I was feeling pretty overwhelmed myself at about 3:00 this morning, so I totally understand the frustration you were feeling. Tyson is almost 8 weeks old, and I've ordered his new crate, but it hasn't been delivered yet, so we're kind of winging it for now with us sleeping on the couch so I can feel when he gets up (I'm a really light sleeper) so I can take him out. He decided that he just wasn't in the mood to sleep and would rather climb me like a tree and paw my face...needless to say I was NOT a very happy camper. 

But everyone else is right...just stick with it and don't forget to breathe. In a few months all the sleepless nights will be worth it when we have housebroken, good mannered young dogs instead of the restless and wild furballs we have now! LOL


----------



## quills (Jan 20, 2010)

I know the feeling. Misty was very difficult for the first month or so. Housetraining was impossible, she was going every 15 minutes and couldn't hold it at all. With working with my vet and trying different meds, we finally got her UTI under control. She's now 6 months old and has passed her puppy class. I can walk her and she stays right next to me with very few corrections( turning and going the other direction). She knows all her basic commands, sit, look at me, down, leave it, drop it, sit/stay, down/stay, and wait to go through a door. It does get better, it is alot of work but worth it when they start to know what to do.


----------



## Chikyuu (May 1, 2010)

flipgirl said:


> For sure! I cried the first day - had no idea about dog ownership and did the iimpulsive thing...stupid me. And she would freak out if I left her alone for a second. And I was scared that I wouldn't take good care of her. But alas, the anxiety goes away and we're still together. Although at times, I still threaten to send her back. Jokingly of course.

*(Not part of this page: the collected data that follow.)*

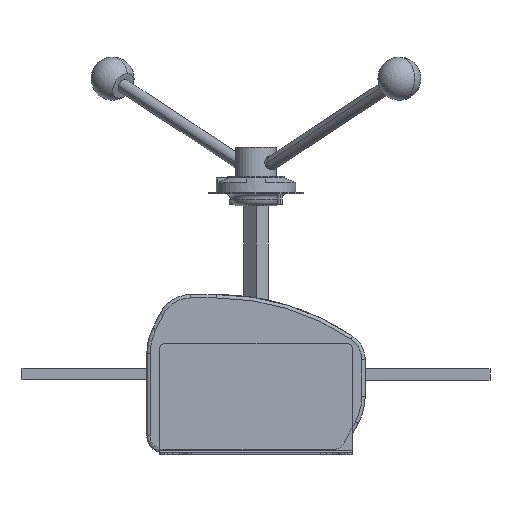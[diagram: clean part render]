
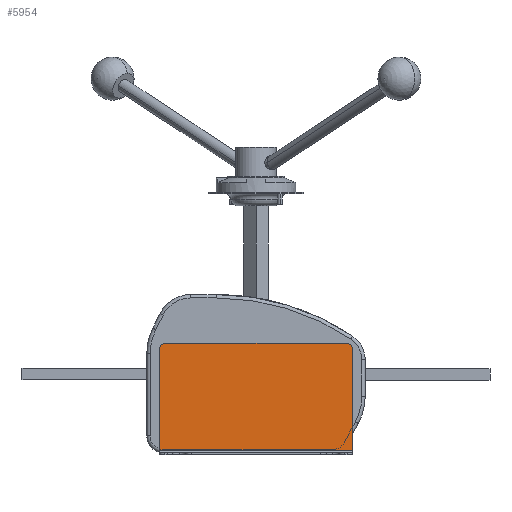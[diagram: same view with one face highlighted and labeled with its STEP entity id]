
A CAD part, left-side view. The second image highlights one B-rep face of the part: STEP entity #5954.
In plain terms, the highlighted planar face has unit normal (-1, 0, 0).
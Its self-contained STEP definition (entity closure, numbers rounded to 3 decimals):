
#157 = VERTEX_POINT ( 'NONE', #9770 ) ;
#367 = DIRECTION ( 'NONE',  ( -1., 0., 0. ) ) ;
#534 = LINE ( 'NONE', #3727, #8055 ) ;
#1005 = DIRECTION ( 'NONE',  ( -1., 0., 0. ) ) ;
#1011 = PLANE ( 'NONE',  #12187 ) ;
#1264 = CARTESIAN_POINT ( 'NONE',  ( -366.42, -85., -67. ) ) ;
#1298 = ORIENTED_EDGE ( 'NONE', *, *, #6151, .F. ) ;
#1478 = LINE ( 'NONE', #10111, #12330 ) ;
#1970 = CARTESIAN_POINT ( 'NONE',  ( -366.42, -85., -67. ) ) ;
#2451 = ORIENTED_EDGE ( 'NONE', *, *, #12664, .T. ) ;
#2796 = EDGE_LOOP ( 'NONE', ( #8322, #2451, #14167, #13680, #1298, #8075 ) ) ;
#3367 = CARTESIAN_POINT ( 'NONE',  ( -366.42, -85., -67. ) ) ;
#3727 = CARTESIAN_POINT ( 'NONE',  ( -366.42, -85., 27. ) ) ;
#3844 = AXIS2_PLACEMENT_3D ( 'NONE', #11541, #367, #12871 ) ;
#4491 = CIRCLE ( 'NONE', #13177, 5. ) ;
#5954 = ADVANCED_FACE ( 'NONE', ( #14652 ), #1011, .T. ) ;
#6151 = EDGE_CURVE ( 'NONE', #14446, #14559, #1478, .T. ) ;
#6838 = VERTEX_POINT ( 'NONE', #1264 ) ;
#7261 = DIRECTION ( 'NONE',  ( 0., 0., 1. ) ) ;
#8055 = VECTOR ( 'NONE', #14793, 1000. ) ;
#8075 = ORIENTED_EDGE ( 'NONE', *, *, #8994, .F. ) ;
#8162 = DIRECTION ( 'NONE',  ( 0., 0., 1. ) ) ;
#8322 = ORIENTED_EDGE ( 'NONE', *, *, #15247, .T. ) ;
#8407 = CARTESIAN_POINT ( 'NONE',  ( -366.42, -80., 22. ) ) ;
#8994 = EDGE_CURVE ( 'NONE', #6838, #14446, #11480, .T. ) ;
#9502 = VECTOR ( 'NONE', #8162, 1000. ) ;
#9770 = CARTESIAN_POINT ( 'NONE',  ( -366.42, 80., 27. ) ) ;
#9848 = VERTEX_POINT ( 'NONE', #16122 ) ;
#9941 = EDGE_CURVE ( 'NONE', #157, #14559, #11463, .T. ) ;
#10111 = CARTESIAN_POINT ( 'NONE',  ( -366.42, 85., -67. ) ) ;
#10446 = CARTESIAN_POINT ( 'NONE',  ( -366.42, 85., 22. ) ) ;
#10500 = CARTESIAN_POINT ( 'NONE',  ( -366.42, -85., 22. ) ) ;
#10737 = DIRECTION ( 'NONE',  ( 0., 1., 0. ) ) ;
#11463 = CIRCLE ( 'NONE', #3844, 5. ) ;
#11480 = LINE ( 'NONE', #1970, #13817 ) ;
#11541 = CARTESIAN_POINT ( 'NONE',  ( -366.42, 80., 22. ) ) ;
#12187 = AXIS2_PLACEMENT_3D ( 'NONE', #16068, #13547, #7261 ) ;
#12330 = VECTOR ( 'NONE', #13942, 1000. ) ;
#12664 = EDGE_CURVE ( 'NONE', #15869, #9848, #4491, .T. ) ;
#12871 = DIRECTION ( 'NONE',  ( 0., 0., 1. ) ) ;
#13177 = AXIS2_PLACEMENT_3D ( 'NONE', #8407, #1005, #15900 ) ;
#13547 = DIRECTION ( 'NONE',  ( -1., 0., 0. ) ) ;
#13680 = ORIENTED_EDGE ( 'NONE', *, *, #9941, .T. ) ;
#13817 = VECTOR ( 'NONE', #10737, 1000. ) ;
#13942 = DIRECTION ( 'NONE',  ( 0., 0., 1. ) ) ;
#14167 = ORIENTED_EDGE ( 'NONE', *, *, #14330, .T. ) ;
#14330 = EDGE_CURVE ( 'NONE', #9848, #157, #534, .T. ) ;
#14446 = VERTEX_POINT ( 'NONE', #15178 ) ;
#14559 = VERTEX_POINT ( 'NONE', #10446 ) ;
#14652 = FACE_OUTER_BOUND ( 'NONE', #2796, .T. ) ;
#14793 = DIRECTION ( 'NONE',  ( 0., 1., 0. ) ) ;
#15178 = CARTESIAN_POINT ( 'NONE',  ( -366.42, 85., -67. ) ) ;
#15192 = LINE ( 'NONE', #3367, #9502 ) ;
#15247 = EDGE_CURVE ( 'NONE', #6838, #15869, #15192, .T. ) ;
#15869 = VERTEX_POINT ( 'NONE', #10500 ) ;
#15900 = DIRECTION ( 'NONE',  ( 0., 0., 1. ) ) ;
#16068 = CARTESIAN_POINT ( 'NONE',  ( -366.42, -85., -67. ) ) ;
#16122 = CARTESIAN_POINT ( 'NONE',  ( -366.42, -80., 27. ) ) ;

Me too. I got my first puppy (That I will be taking responsibility for) less than a week ago and I felt overwhelmed by it because it was a surprise and I had to deal with first-night puppy cries without knowing what to do. I cried. I ended up letting her sleep in my bed (which I honestly don't mind - I have a queen size bed, I think it can hold a border collie husky mix and me. I hope she's not a bed hog though =P) Sometimes I still wonder if I'm doing the right thing with her, though. I almost considered bringing her back because I wasn't prepared - but we need a pet in this house, it's very lonely.


----------



## theyogachick (Aug 2, 2009)

I am going to lose it. Really. She i sgreat during the waking hours. KNows basic commands, hasn't had an accident in the house since Monday, but...

Here are two things:

If I leave the room, she whines incessantly…and last night she whined for like 2 hours at my mom and dad’s because they watched her while I was out. Even if TJ is with her, she still does the same thing. I tell him to ignore it because we don’t want her to learn to whine and get what she wants, but it does try the patience of the most calm individuals…I am hoping that is just a puppy thing and she will outgrow it and it isn’t the beginning stages of serious separation anxiety.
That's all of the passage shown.